OK, page 21 of the PDF discusses spellcasting limits.  

In general, you can only pop 5 MP into a spell for every related spell list you know.  You know 1 Evoke, you can only burn 5 MP into said Evoke.  If you know 2 Evokes, then you can spend 10 points on an Evoke.  If you know 3 Evokes, you can spend 15 MP.  With 4+ evokes, you can spend 20 MP.  

That seems straightforward enough.  But what about general enhancements?  Do those count?

Let's go extreme here.  We will assume we have a 20th level mage that has focused on just about everything except Evoke lists.  At 20th level, the mage finally chose an Evoke Fire spell list.  Woot!  Our mage can finally deal direct damage.  But how much?

Can the mage only spend 5 MP total on a pure Evoke spell?  Or can the mage spend 5 MP on the Evoke, and then spend up to 15 MP more on general enhancements (range, area, duration, etc)?  

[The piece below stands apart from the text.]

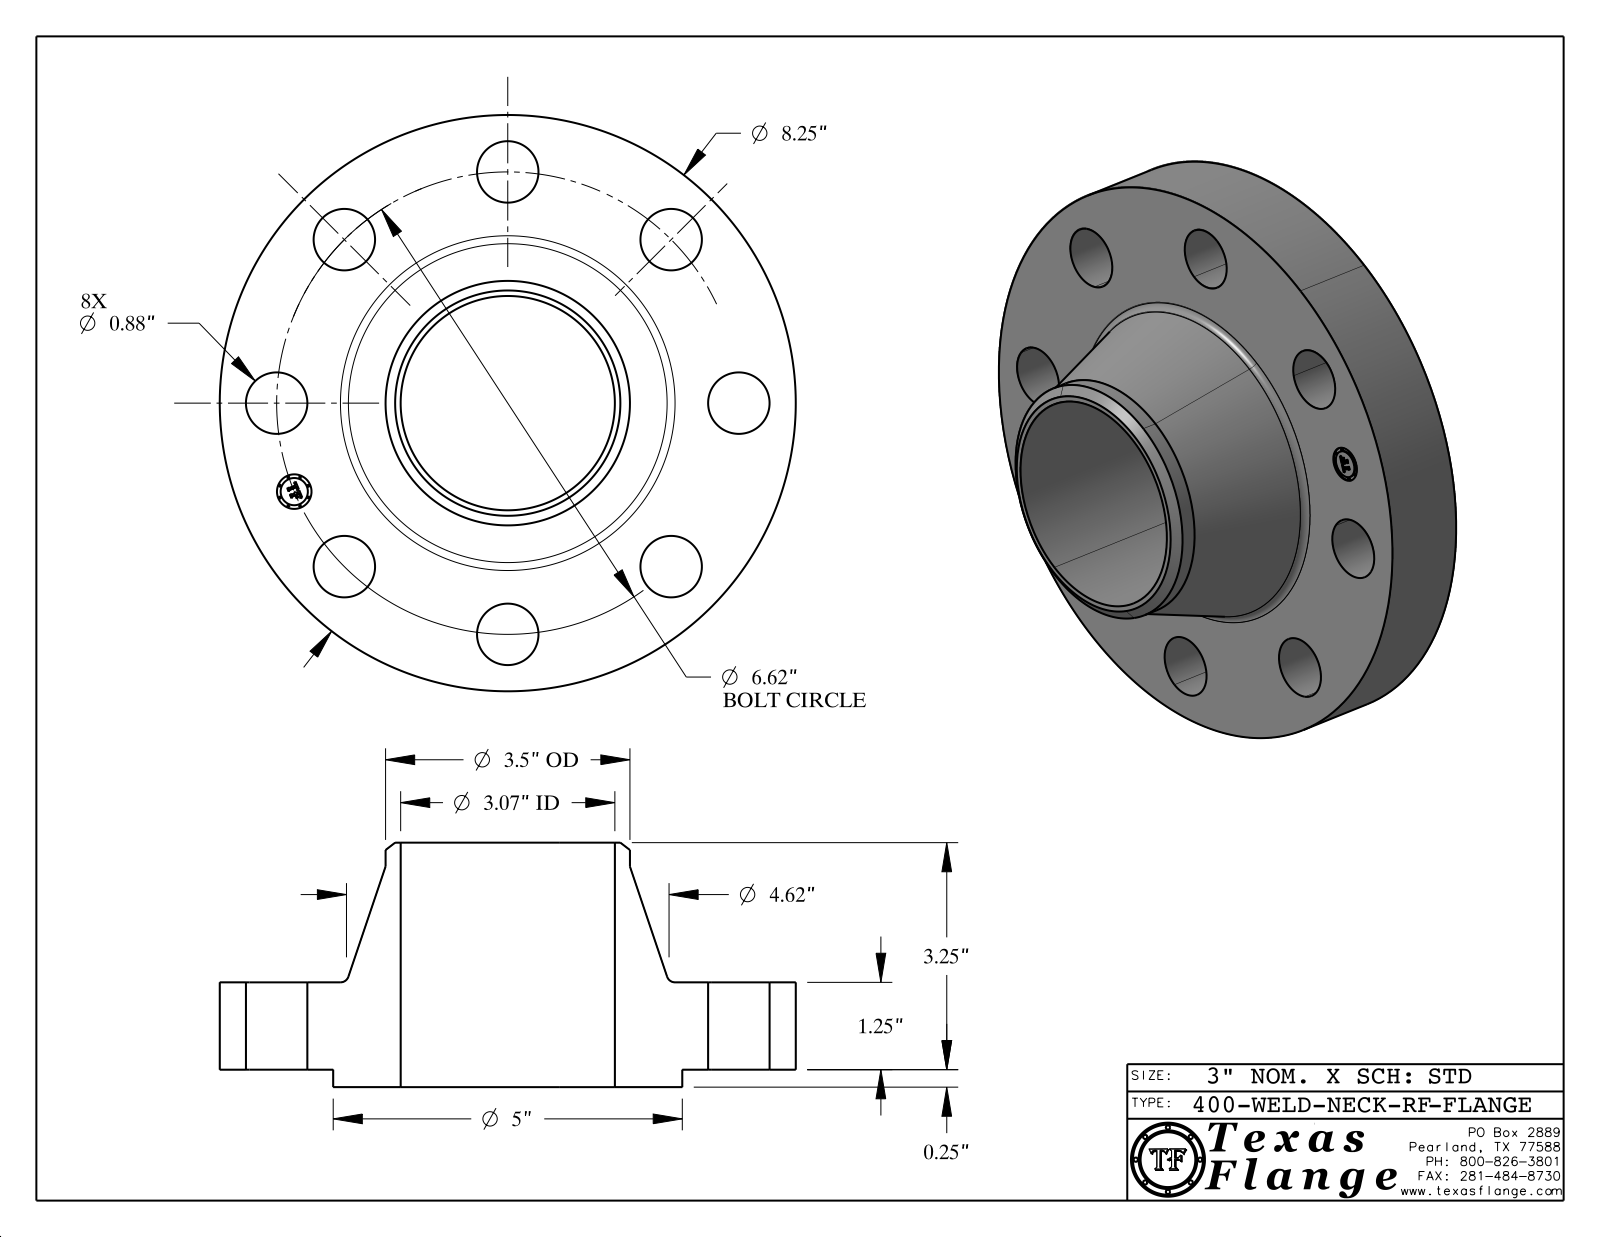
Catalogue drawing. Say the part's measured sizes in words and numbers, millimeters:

It seems logical that the general enhancements don't count toward that total because you could combine lists.  (Perhaps something along the lines of _Shearing Flames_ out of Lyceian Arcana.)  And the overall spell wouldn't be limited to just the Evoke Fire limitations.  Am I correct in this assumption?

OK, what about with Enduring Damage?  That would be limited by the number of spell lists right?  So the same mage could Evoke Fire 5 with 4 of that being Enduring Damage basic for 1 minute.  But the mage could not utilize Enduring Damage short for 10 minutes because that requires 10 MP in the Evoke aspect of the spell.  Is this generally correct?

Along similar lines, it seems like a high level mage with two only Evoke Lists, maybe Evoke Fire and Evoke Metal, could create a 20MP spell by spending Evoke Fire 10/Evoke Metal 10.  Perhaps to attack an adjacent opponent with a huge, flaming sword using a touch attack. 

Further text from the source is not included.